Problem to work on: In the entries below, how many lines include "site"? Reply with the number and nothing more.

== Segment start ==

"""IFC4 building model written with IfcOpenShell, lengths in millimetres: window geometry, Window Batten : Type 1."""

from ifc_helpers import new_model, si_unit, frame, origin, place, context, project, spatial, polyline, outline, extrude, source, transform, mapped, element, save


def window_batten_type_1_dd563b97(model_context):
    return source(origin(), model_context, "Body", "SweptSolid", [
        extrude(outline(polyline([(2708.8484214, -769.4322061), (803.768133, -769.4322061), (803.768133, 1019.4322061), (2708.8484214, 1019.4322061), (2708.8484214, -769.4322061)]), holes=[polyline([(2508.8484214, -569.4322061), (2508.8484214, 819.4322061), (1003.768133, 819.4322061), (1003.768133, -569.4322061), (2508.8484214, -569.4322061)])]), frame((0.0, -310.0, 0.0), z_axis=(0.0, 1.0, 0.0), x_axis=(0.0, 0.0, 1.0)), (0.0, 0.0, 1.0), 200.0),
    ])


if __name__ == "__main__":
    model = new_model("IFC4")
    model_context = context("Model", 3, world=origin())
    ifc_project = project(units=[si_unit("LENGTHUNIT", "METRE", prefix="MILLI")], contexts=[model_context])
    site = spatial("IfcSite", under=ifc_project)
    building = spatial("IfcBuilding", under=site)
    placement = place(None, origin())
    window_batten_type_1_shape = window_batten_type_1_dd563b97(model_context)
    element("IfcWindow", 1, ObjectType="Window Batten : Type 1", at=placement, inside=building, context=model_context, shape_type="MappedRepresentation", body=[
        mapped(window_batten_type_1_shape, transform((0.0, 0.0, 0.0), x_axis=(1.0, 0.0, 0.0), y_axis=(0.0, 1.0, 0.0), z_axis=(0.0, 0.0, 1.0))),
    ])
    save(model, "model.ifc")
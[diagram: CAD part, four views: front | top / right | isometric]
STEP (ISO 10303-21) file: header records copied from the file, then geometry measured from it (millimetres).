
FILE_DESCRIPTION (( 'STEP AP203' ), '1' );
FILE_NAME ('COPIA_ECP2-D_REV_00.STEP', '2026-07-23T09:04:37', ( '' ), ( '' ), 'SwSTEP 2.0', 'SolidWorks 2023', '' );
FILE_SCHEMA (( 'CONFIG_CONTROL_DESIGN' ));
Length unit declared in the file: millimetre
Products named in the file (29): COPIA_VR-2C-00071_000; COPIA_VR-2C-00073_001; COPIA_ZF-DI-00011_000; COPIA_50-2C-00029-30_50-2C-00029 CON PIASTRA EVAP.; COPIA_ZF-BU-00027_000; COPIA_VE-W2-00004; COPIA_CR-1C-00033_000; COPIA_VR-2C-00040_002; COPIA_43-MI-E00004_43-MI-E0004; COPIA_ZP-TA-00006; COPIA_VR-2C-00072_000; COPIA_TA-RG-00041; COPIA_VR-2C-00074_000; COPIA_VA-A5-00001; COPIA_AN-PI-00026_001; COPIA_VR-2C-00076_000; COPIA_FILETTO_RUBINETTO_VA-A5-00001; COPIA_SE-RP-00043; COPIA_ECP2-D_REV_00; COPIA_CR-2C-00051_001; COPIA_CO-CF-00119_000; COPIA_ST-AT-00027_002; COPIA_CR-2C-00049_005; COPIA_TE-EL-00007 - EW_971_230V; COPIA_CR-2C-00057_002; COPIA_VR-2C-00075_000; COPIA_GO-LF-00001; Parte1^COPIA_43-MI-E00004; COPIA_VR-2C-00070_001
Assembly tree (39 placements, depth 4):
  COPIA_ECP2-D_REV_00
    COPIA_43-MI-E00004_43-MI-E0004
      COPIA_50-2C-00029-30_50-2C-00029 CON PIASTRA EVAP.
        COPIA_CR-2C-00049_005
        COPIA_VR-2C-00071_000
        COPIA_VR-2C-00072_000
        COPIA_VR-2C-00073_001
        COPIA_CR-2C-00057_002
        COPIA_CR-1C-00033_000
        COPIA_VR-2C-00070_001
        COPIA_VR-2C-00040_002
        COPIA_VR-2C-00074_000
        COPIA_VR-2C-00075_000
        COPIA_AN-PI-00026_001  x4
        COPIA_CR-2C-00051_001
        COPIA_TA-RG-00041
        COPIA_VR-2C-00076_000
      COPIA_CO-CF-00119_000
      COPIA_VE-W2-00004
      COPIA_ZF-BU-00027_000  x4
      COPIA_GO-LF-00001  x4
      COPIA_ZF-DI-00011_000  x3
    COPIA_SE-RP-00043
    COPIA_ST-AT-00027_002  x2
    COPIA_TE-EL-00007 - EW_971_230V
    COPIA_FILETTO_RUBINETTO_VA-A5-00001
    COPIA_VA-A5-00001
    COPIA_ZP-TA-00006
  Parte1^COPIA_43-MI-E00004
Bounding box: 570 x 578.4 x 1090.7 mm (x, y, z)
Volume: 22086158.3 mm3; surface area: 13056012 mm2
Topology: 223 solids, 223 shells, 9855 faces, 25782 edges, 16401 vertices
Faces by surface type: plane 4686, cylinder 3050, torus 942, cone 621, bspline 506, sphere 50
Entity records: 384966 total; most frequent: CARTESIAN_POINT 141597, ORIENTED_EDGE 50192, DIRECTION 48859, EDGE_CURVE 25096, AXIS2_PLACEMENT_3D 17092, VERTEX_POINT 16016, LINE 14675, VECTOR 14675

== Segment end ==

Answer to this task: 2